Thelymitra arenaria, commonly called forest sun orchid, is a species of orchid that is endemic to south-eastern Australia. It has a single long, narrow leaf and up to sixteen purplish self-pollinating flowers which only open on hot days.

==Description==
Thelymitra arenaria is a tuberous, perennial herb with a single leathery, channelled, dark green linear to lance-shaped leaf 150-300 mm long and 8-18 mm wide with a purplish base. Between two and sixteen purplish flowers 16-26 mm wide are borne on a flowering stem 240-400 mm tall. There are usually and two bracts on the flowering stem.

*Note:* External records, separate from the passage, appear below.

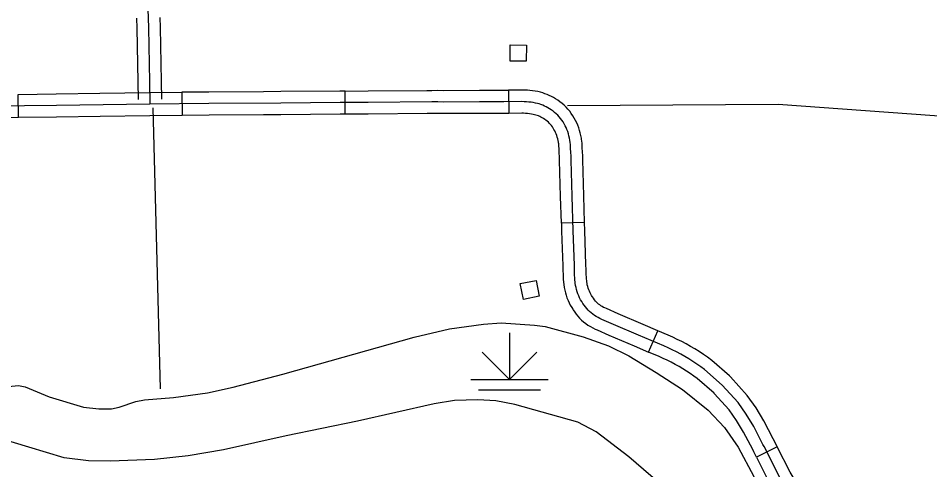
# Model space of a CAD drawing. Extents: x -19 to 366, y -4 to 359.
# Drawn here: x 167.092 to 168.207, y 181.675 to 182.228 of the extents above; entities that cross this region are included whole.
import ezdxf

# ---------------------------------------------------------------- set-up
doc = ezdxf.new("R2010")
doc.units = 0
for name, color, linetype in [('21', 7, 'Continuous'), ('R_Axis Annot', 7, 'Continuous'), ('R_ROW', 7, 'Continuous'), ('R_ROW Annot', 7, 'Continuous'), ('Sheet Fence', 7, 'Continuous'), ('T_Drafting', 7, 'Continuous'), ('T_Vehicle Path Lt Major', 7, 'Continuous')]:
    doc.layers.add(name, color=color, linetype=linetype)

msp = doc.modelspace()

# ---------------------------------------------------------------- linework, layer by layer
at = {"layer": '21'}
for points in [[(167.7136, 182.1955), (167.7134, 182.1758), (167.6937, 182.1759), (167.6938, 182.1956)], [(167.7256, 181.9071), (167.7294, 181.8878), (167.71, 181.884), (167.7062, 181.9033)]]:
    msp.add_lwpolyline(points, close=True, dxfattribs=at)
at = {"layer": 'R_Axis Annot'}
for points in [[(167.2568, 182.1186), (167.2656, 181.7743)], [(167.764, 182.1215), (168.0218, 182.123), (168.2635, 182.1054)]]:
    msp.add_lwpolyline(points, dxfattribs=at)
at = {"layer": 'R_ROW'}
for p, q in [((167.292, 182.1376), (167.2923, 182.1092)), ((167.4921, 182.1108), (167.4921, 182.1392)), ((167.6919, 182.1403), (167.6922, 182.1118)), ((167.0923, 182.1067), (167.0919, 182.1351)), ((167.7848, 181.9783), (167.7564, 181.9775)), ((167.8631, 181.8194), (167.8743, 181.8456)), ((168.0206, 181.7033), (167.9953, 181.6905))]:
    msp.add_line(p, q, dxfattribs=at)
for points in [[(167.1919, 182.1364), (167.2528, 182.1372), (167.292, 182.1376)], [(167.392, 182.1383), (167.3252, 182.1379), (167.292, 182.1376)], [(167.4921, 182.1392), (167.4856, 182.1392), (167.4131, 182.1384), (167.392, 182.1383)], [(167.4921, 182.1392), (167.52, 182.1393), (167.592, 182.14)], [(167.592, 182.14), (167.5981, 182.14), (167.6053, 182.1401), (167.6127, 182.1399), (167.6563, 182.1401), (167.6856, 182.1402), (167.686, 182.1402), (167.6919, 182.1403)], [(167.7811, 182.08), (167.7809, 182.0814), (167.7803, 182.0846), (167.7795, 182.0878), (167.7786, 182.0909), (167.7776, 182.0941), (167.7764, 182.0972), (167.7752, 182.1002), (167.7737, 182.1032), (167.7722, 182.1061), (167.7705, 182.1089), (167.7686, 182.1117), (167.7666, 182.1144), (167.7645, 182.1169), (167.7622, 182.1194), (167.7598, 182.1218), (167.7573, 182.124), (167.7547, 182.126), (167.752, 182.1279), (167.7493, 182.1297), (167.7469, 182.1311), (167.7443, 182.1325), (167.7417, 182.1337), (167.739, 182.1349), (167.7363, 182.1359), (167.7336, 182.1368), (167.7308, 182.1377), (167.7278, 182.1384), (167.7243, 182.139), (167.7211, 182.1395), (167.7179, 182.1398), (167.7148, 182.1401), (167.7116, 182.1403), (167.7082, 182.1404), (167.6919, 182.1403)], [(167.0919, 182.1351), (167.1385, 182.1357), (167.1919, 182.1364)], [(168.0237, 181.6656), (168.0045, 181.7038), (168.0031, 181.7064), (167.9917, 181.7283), (167.9827, 181.7432), (167.9727, 181.7575), (167.9533, 181.779), (167.9316, 181.7981), (167.927, 181.8015), (167.9222, 181.8048), (167.9174, 181.808), (167.9124, 181.8111), (167.9075, 181.8141), (167.9024, 181.8169), (167.8973, 181.8196), (167.8921, 181.8222), (167.8869, 181.8247), (167.8816, 181.827), (167.8509, 181.8401), (167.8202, 181.8532), (167.806, 181.8595), (167.8036, 181.8605), (167.8014, 181.8616), (167.7991, 181.8629), (167.7969, 181.8642), (167.7949, 181.8657), (167.7929, 181.8673), (167.791, 181.869), (167.7891, 181.8708), (167.7875, 181.8727), (167.7859, 181.8747), (167.7842, 181.8768), (167.7827, 181.879), (167.7813, 181.8813), (167.7799, 181.8836), (167.7787, 181.8859), (167.7776, 181.8883), (167.7766, 181.8908), (167.7758, 181.8933), (167.775, 181.8959), (167.7744, 181.8985), (167.7738, 181.9011), (167.7734, 181.9037), (167.773, 181.9092), (167.7727, 181.9147), (167.7724, 181.9202), (167.7723, 181.9257), (167.7709, 181.9679), (167.7697, 182.0102), (167.7685, 182.0546), (167.7683, 182.0593), (167.7681, 182.0641), (167.7678, 182.0689), (167.7676, 182.0737), (167.7673, 182.0763), (167.7669, 182.079), (167.7664, 182.0816), (167.7657, 182.0842), (167.765, 182.0868), (167.7642, 182.0894), (167.7632, 182.0919), (167.7622, 182.0943), (167.761, 182.0967), (167.7598, 182.0991), (167.7585, 182.1013), (167.757, 182.1035), (167.7555, 182.1056), (167.7538, 182.1076), (167.752, 182.1095), (167.7502, 182.1113), (167.7482, 182.113), (167.7462, 182.1146), (167.7441, 182.1162), (167.7419, 182.1175), (167.7399, 182.1187), (167.7379, 182.1198), (167.7358, 182.1208), (167.7337, 182.1217), (167.7315, 182.1226), (167.7293, 182.1233), (167.7271, 182.1239), (167.7249, 182.1245), (167.7221, 182.125), (167.7193, 182.1254), (167.7165, 182.1257), (167.7137, 182.1259), (167.7109, 182.1261), (167.7081, 182.1262), (167.6861, 182.126), (167.6857, 182.126), (167.6563, 182.1259), (167.6126, 182.1257), (167.6051, 182.1259), (167.5981, 182.1258), (167.5201, 182.1251), (167.4857, 182.125), (167.4132, 182.1242), (167.3253, 182.1237), (167.253, 182.123)], [(167.253, 182.123), (167.1386, 182.1215), (167.06, 182.1205), (166.9686, 182.1201), (166.9007, 182.1192), (166.8402, 182.1185), (166.7756, 182.1179), (166.7391, 182.1175), (166.7067, 182.1172), (166.6369, 182.1163), (166.579, 182.1161), (166.546, 182.1156), (166.4757, 182.1152), (166.4166, 182.1149), (166.351, 182.1149), (166.2798, 182.115), (166.2549, 182.1151)], [(167.0923, 182.1067), (167.0602, 182.1063), (166.9922, 182.106)], [(167.1923, 182.108), (167.1388, 182.1073), (167.0923, 182.1067)], [(167.2923, 182.1092), (167.2531, 182.1088), (167.1923, 182.108)], [(167.3922, 182.1099), (167.3254, 182.1095), (167.2923, 182.1092)], [(167.4921, 182.1108), (167.4858, 182.1108), (167.4133, 182.11), (167.3922, 182.1099)], [(167.5922, 182.1116), (167.5201, 182.1109), (167.4921, 182.1108)], [(167.6922, 182.1118), (167.6863, 182.1118), (167.6858, 182.1118), (167.6564, 182.1117), (167.6125, 182.1115), (167.605, 182.1117), (167.5982, 182.1116), (167.5922, 182.1116)], [(167.753, 182.0756), (167.7529, 182.0766), (167.7525, 182.0786), (167.752, 182.0807), (167.7514, 182.0827), (167.7508, 182.0846), (167.7501, 182.0866), (167.7493, 182.0885), (167.7484, 182.0903), (167.7474, 182.0922), (167.7464, 182.0938), (167.7454, 182.0953), (167.7443, 182.0968), (167.7431, 182.0983), (167.7418, 182.0996), (167.7405, 182.1009), (167.7391, 182.1021), (167.7376, 182.1033), (167.7361, 182.1044), (167.7345, 182.1054), (167.7329, 182.1063), (167.7314, 182.1071), (167.7299, 182.1079), (167.7283, 182.1086), (167.7267, 182.1092), (167.7251, 182.1097), (167.7234, 182.1102), (167.722, 182.1106), (167.7199, 182.1109), (167.7175, 182.1113), (167.7151, 182.1116), (167.7127, 182.1118), (167.7102, 182.1119), (167.7079, 182.112), (167.6922, 182.1118)], [(167.7564, 181.9775), (167.7555, 182.0098), (167.7543, 182.0541), (167.7541, 182.0587), (167.7539, 182.0634), (167.7537, 182.0681), (167.7534, 182.0725), (167.7532, 182.0745), (167.753, 182.0756)], [(167.7848, 181.9783), (167.7839, 182.0106), (167.7827, 182.055), (167.7825, 182.0599), (167.7823, 182.0648), (167.782, 182.0697), (167.7817, 182.0748), (167.7814, 182.0781), (167.7811, 182.0799)], [(167.7564, 181.9775), (167.7567, 181.9675), (167.7581, 181.9252), (167.7582, 181.9197), (167.7585, 181.9139), (167.7588, 181.9082), (167.7593, 181.9021), (167.7598, 181.8986), (167.7605, 181.8953), (167.7613, 181.8921), (167.7622, 181.889), (167.7633, 181.8859), (167.7646, 181.8827), (167.7659, 181.8797), (167.7674, 181.8768), (167.7691, 181.8739), (167.7703, 181.872)], [(167.7942, 181.8874), (167.7934, 181.8886), (167.7924, 181.8903), (167.7915, 181.8921), (167.7907, 181.894), (167.7899, 181.8958), (167.7893, 181.8977), (167.7887, 181.8996), (167.7882, 181.9016), (167.7878, 181.9035), (167.7876, 181.9053), (167.7872, 181.9102), (167.7868, 181.9154), (167.7866, 181.9206), (167.7865, 181.9261), (167.7851, 181.9683), (167.7848, 181.9783)], [(167.8743, 181.8456), (167.8564, 181.8531), (167.8259, 181.8662), (167.8116, 181.8726), (167.8095, 181.8735), (167.8079, 181.8742), (167.8063, 181.8751), (167.8048, 181.876), (167.8034, 181.8771), (167.802, 181.8782), (167.8007, 181.8793), (167.7995, 181.8805), (167.7983, 181.8819), (167.797, 181.8835), (167.7957, 181.8853), (167.7945, 181.8869), (167.7942, 181.8874)], [(167.7703, 181.872), (167.7709, 181.8711), (167.7728, 181.8684), (167.7747, 181.866), (167.7766, 181.8636), (167.7788, 181.8611), (167.7812, 181.8587), (167.7837, 181.8564), (167.7863, 181.8543), (167.789, 181.8524), (167.7919, 181.8506), (167.7948, 181.849), (167.7978, 181.8475), (167.8004, 181.8465), (167.8145, 181.8402), (167.8453, 181.827), (167.8631, 181.8194)], [(167.9621, 181.7902), (167.9406, 181.8092), (167.9352, 181.8131), (167.9302, 181.8166), (167.925, 181.82), (167.9198, 181.8232), (167.9146, 181.8264), (167.9092, 181.8294), (167.9038, 181.8322), (167.8983, 181.835), (167.8927, 181.8376), (167.8872, 181.8401), (167.8743, 181.8456)], [(167.9433, 181.7689), (167.9227, 181.787), (167.9187, 181.79), (167.9142, 181.7931), (167.9097, 181.7961), (167.905, 181.799), (167.9004, 181.8018), (167.8956, 181.8044), (167.8908, 181.807), (167.8859, 181.8094), (167.881, 181.8117), (167.8759, 181.814), (167.8631, 181.8194)], [(168.0206, 181.7033), (168.0171, 181.7103), (168.0157, 181.713), (168.0041, 181.7352), (167.9946, 181.751), (167.9838, 181.7664), (167.9633, 181.7891), (167.9621, 181.7902)], [(167.9953, 181.6905), (167.9918, 181.6974), (167.9905, 181.6999), (167.9793, 181.7213), (167.9708, 181.7355), (167.9616, 181.7487), (167.9433, 181.7688), (167.9433, 181.7689)], [(168.0709, 181.6361), (168.0681, 181.6366), (168.0666, 181.6371), (168.0648, 181.6377), (168.0631, 181.6384), (168.0614, 181.6392), (168.0598, 181.6401), (168.0582, 181.6411), (168.0567, 181.6421), (168.0552, 181.6433), (168.0538, 181.6445), (168.0524, 181.6458), (168.0511, 181.6472), (168.0505, 181.6481), (168.0362, 181.6724), (168.0206, 181.7033)], [(167.9953, 181.6905), (168.0112, 181.6588), (168.0271, 181.6318), (168.0297, 181.6285), (168.0321, 181.626), (168.0345, 181.6237), (168.0371, 181.6214), (168.0397, 181.6193), (168.0426, 181.6173), (168.0455, 181.6155), (168.0484, 181.6139), (168.0515, 181.6124), (168.0547, 181.6111), (168.0579, 181.61), (168.0615, 181.609), (168.0656, 181.6082)]]:
    msp.add_lwpolyline(points, dxfattribs=at)
at = {"layer": 'R_ROW Annot'}
for points in [[(167.2395, 182.6287), (167.2408, 182.5772), (167.2427, 182.5101), (167.2442, 182.4401), (167.246, 182.3802), (167.2486, 182.298), (167.2514, 182.2167), (167.2526, 182.1505), (167.253, 182.123)], [(167.2368, 182.2284), (167.2372, 182.2163), (167.2384, 182.1503), (167.2387, 182.1287)], [(167.2652, 182.2293), (167.2656, 182.217), (167.2668, 182.1507), (167.2671, 182.1291)]]:
    msp.add_lwpolyline(points, dxfattribs=at)
at = {"layer": 'Sheet Fence'}
for points in [[(176.1271, 2.4436), (175.8876, 11.0613), (175.6472, 19.6792), (175.4061, 28.2972), (175.164, 36.9153), (174.9212, 45.5335), (174.6775, 54.1519), (174.433, 62.7704), (174.1876, 71.389), (173.9414, 80.0077), (173.6944, 88.6266), (173.4466, 97.2456), (173.1979, 105.8647), (172.9484, 114.484), (172.6981, 123.1034), (172.447, 131.7229), (172.195, 140.3425), (171.9422, 148.9623), (171.6886, 157.5822), (171.4342, 166.2022), (171.179, 174.8224), (170.9229, 183.4427), (170.666, 192.0631), (170.4084, 200.6837), (170.1499, 209.3044), (169.8906, 217.9252), (169.6305, 226.5461), (169.3695, 235.1672), (169.1078, 243.7884), (168.8453, 252.4098), (168.5819, 261.0312), (168.3178, 269.6528), (168.0528, 278.2746), (167.7871, 286.8964), (167.5205, 295.5185), (167.2532, 304.1406), (166.985, 312.7629), (166.7161, 321.3853), (166.4463, 330.0078), (166.1758, 338.6305), (165.9044, 347.2533)], [(168.7902, 2.2442), (168.5607, 10.8615), (168.3304, 19.479), (168.0993, 28.0965), (167.8673, 36.7142), (167.6346, 45.3321), (167.4011, 53.95), (167.1668, 62.5681), (166.9316, 71.1863), (166.6957, 79.8047), (166.459, 88.4232), (166.2215, 97.0418), (165.9832, 105.6605), (165.7441, 114.2794), (165.5043, 122.8984), (165.2636, 131.5176), (165.0221, 140.1368), (164.7799, 148.7563), (164.5369, 157.3758), (164.2931, 165.9955), (164.0485, 174.6153), (163.8031, 183.2352), (163.5569, 191.8553), (163.31, 200.4755), (163.0623, 209.0959), (162.8138, 217.7164), (162.5645, 226.337), (162.3145, 234.9577), (162.0637, 243.5786), (161.8121, 252.1997), (161.5597, 260.8208), (161.3066, 269.4421), (161.0527, 278.0636), (160.798, 286.6851), (160.5426, 295.3068), (160.2864, 303.9287), (160.0294, 312.5507), (159.7717, 321.1728), (159.5132, 329.7951), (159.2539, 338.4175), (158.9939, 347.04)], [(0, 180.8999), (7.1228, 180.9044), (14.2457, 180.9176), (21.3685, 180.9397), (28.4912, 180.9706), (35.614, 181.0103), (42.7366, 181.0589), (49.8592, 181.1163), (56.9818, 181.1825), (64.1042, 181.2575), (71.2266, 181.3414), (78.3488, 181.4341), (85.4709, 181.5357), (92.5929, 181.646), (99.7147, 181.7652), (106.8364, 181.8933), (113.9579, 182.0301), (121.0793, 182.1758), (128.2005, 182.3303), (135.3214, 182.4936), (142.4422, 182.6658), (149.5627, 182.8468), (156.683, 183.0366), (163.8031, 183.2352), (170.9229, 183.4427), (178.0425, 183.659), (185.1617, 183.8841), (192.2807, 184.1181), (199.3994, 184.3608), (206.5178, 184.6124), (213.6359, 184.8728), (220.7537, 185.1421), (227.8711, 185.4201), (234.9881, 185.707), (242.1048, 186.0027), (249.2212, 186.3073), (256.3371, 186.6206), (263.4526, 186.9428), (270.5678, 187.2738), (277.6825, 187.6136), (284.7968, 187.9622), (291.9107, 188.3197), (299.0241, 188.6859), (306.1371, 189.061), (313.2495, 189.4449), (320.3615, 189.8377), (327.4731, 190.2392), (334.5841, 190.6495), (341.6946, 191.0687)], [(0, 172.2839), (7.1335, 172.2883), (14.267, 172.3015), (21.4005, 172.3236), (28.5339, 172.3544), (35.6673, 172.3941), (42.8006, 172.4426), (49.9339, 172.4999), (57.0671, 172.566), (64.2002, 172.6409), (71.3332, 172.7246), (78.4661, 172.8172), (85.5989, 172.9186), (92.7315, 173.0287), (99.8641, 173.1477), (106.9964, 173.2755), (114.1286, 173.4122), (121.2606, 173.5576), (128.3925, 173.7119), (135.5241, 173.8749), (142.6555, 174.0468), (149.7867, 174.2275), (156.9177, 174.417), (164.0485, 174.6153), (171.179, 174.8224), (178.3092, 175.0383), (185.4392, 175.2631), (192.5688, 175.4966), (199.6982, 175.739), (206.8273, 175.9902), (213.9561, 176.2502), (221.0845, 176.5189), (228.2126, 176.7965), (235.3404, 177.083), (242.4677, 177.3782), (249.5948, 177.6822), (256.7214, 177.995), (263.8476, 178.3167), (270.9735, 178.6471), (278.0989, 178.9863), (285.2239, 179.3344), (292.3485, 179.6912), (299.4726, 180.0569), (306.5963, 180.4314), (313.7195, 180.8146), (320.8422, 181.2067), (327.9644, 181.6076), (335.0862, 182.0172), (342.2074, 182.4357)]]:
    msp.add_spline(points, degree=3, dxfattribs=at)
at = {"layer": 'T_Drafting'}
for p, q in [((167.693, 181.8429), (167.693, 181.786)), ((167.693, 181.786), (167.6595, 181.8195)), ((167.693, 181.786), (167.7265, 181.8195)), ((167.6456, 181.786), (167.7403, 181.786)), ((167.6551, 181.7731), (167.7309, 181.7731))]:
    msp.add_line(p, q, dxfattribs=at)
at = {"layer": 'T_Vehicle Path Lt Major'}
for points in [[(167.0802, 181.7772), (167.0921, 181.7786), (167.1004, 181.7768), (167.1298, 181.7646), (167.1716, 181.7521), (167.1904, 181.7498), (167.2059, 181.7501), (167.2155, 181.7518), (167.2359, 181.7587), (167.2464, 181.7609), (167.2819, 181.7638), (167.3236, 181.7693), (167.3548, 181.7763), (167.4156, 181.7924), (167.5765, 181.8375), (167.6194, 181.848), (167.6612, 181.8538), (167.6829, 181.8551), (167.7237, 181.8525), (167.7368, 181.8507)], [(167.7368, 181.8507), (167.7829, 181.8381), (167.8139, 181.827), (167.8389, 181.8149), (167.8724, 181.7946), (167.9047, 181.7735), (167.9361, 181.7481), (167.9559, 181.7269), (167.9728, 181.7031), (167.9917, 181.6669), (168.0019, 181.6432), (168.0181, 181.6181)], [(167.8568, 181.6756), (167.8391, 181.691), (167.799, 181.7219), (167.7767, 181.7336), (167.6994, 181.7552), (167.6762, 181.7595), (167.6542, 181.7608), (167.6256, 181.7601), (167.601, 181.756), (167.5072, 181.7348), (167.4199, 181.7168), (167.3431, 181.6996), (167.2998, 181.6923), (167.2587, 181.6879), (167.2044, 181.686), (167.1781, 181.6862), (167.1481, 181.6899), (167.1051, 181.703), (167.0696, 181.7136), (167.0537, 181.7215), (167.0513, 181.7265)], [(167.9551, 181.5876), (167.9247, 181.6173), (167.8568, 181.6756)]]:
    msp.add_lwpolyline(points, dxfattribs=at)

doc.saveas('drawing.dxf')

The sepals and petals are 8-15 mm long and 4-8 mm wide. The column is pale blue with dark blue streaks, 4.5-6 mm long and 2.5-3.5 mm wide. The lobe on the top of the anther is dark brown with a yellow tip and gently curved. The side lobes curve upwards and have dense, hairbrush-like tufts of white hairs. The flowers are self-pollinating and only open on warm to hot, humid days. Flowering occurs from October to December.

==Taxonomy and naming==
Thelymitra arenaria was first formally described in 1840 by John Lindley from a specimen collected in Tasmania and the description was published in his book The genera and species of Orchidaceous plants. The specific epithet (arenaria) is a Latin word meaning "of sand" or "sandy".

==Distribution and habitat==
Forest sun orchid is widespread and common within most of its range. It grows in a wide range of habitats from grassland to forest and is found in southern New South Wales, the Australian Capital Territory, in the southern half of Victoria, in south-eastern South Australia and in Tasmania.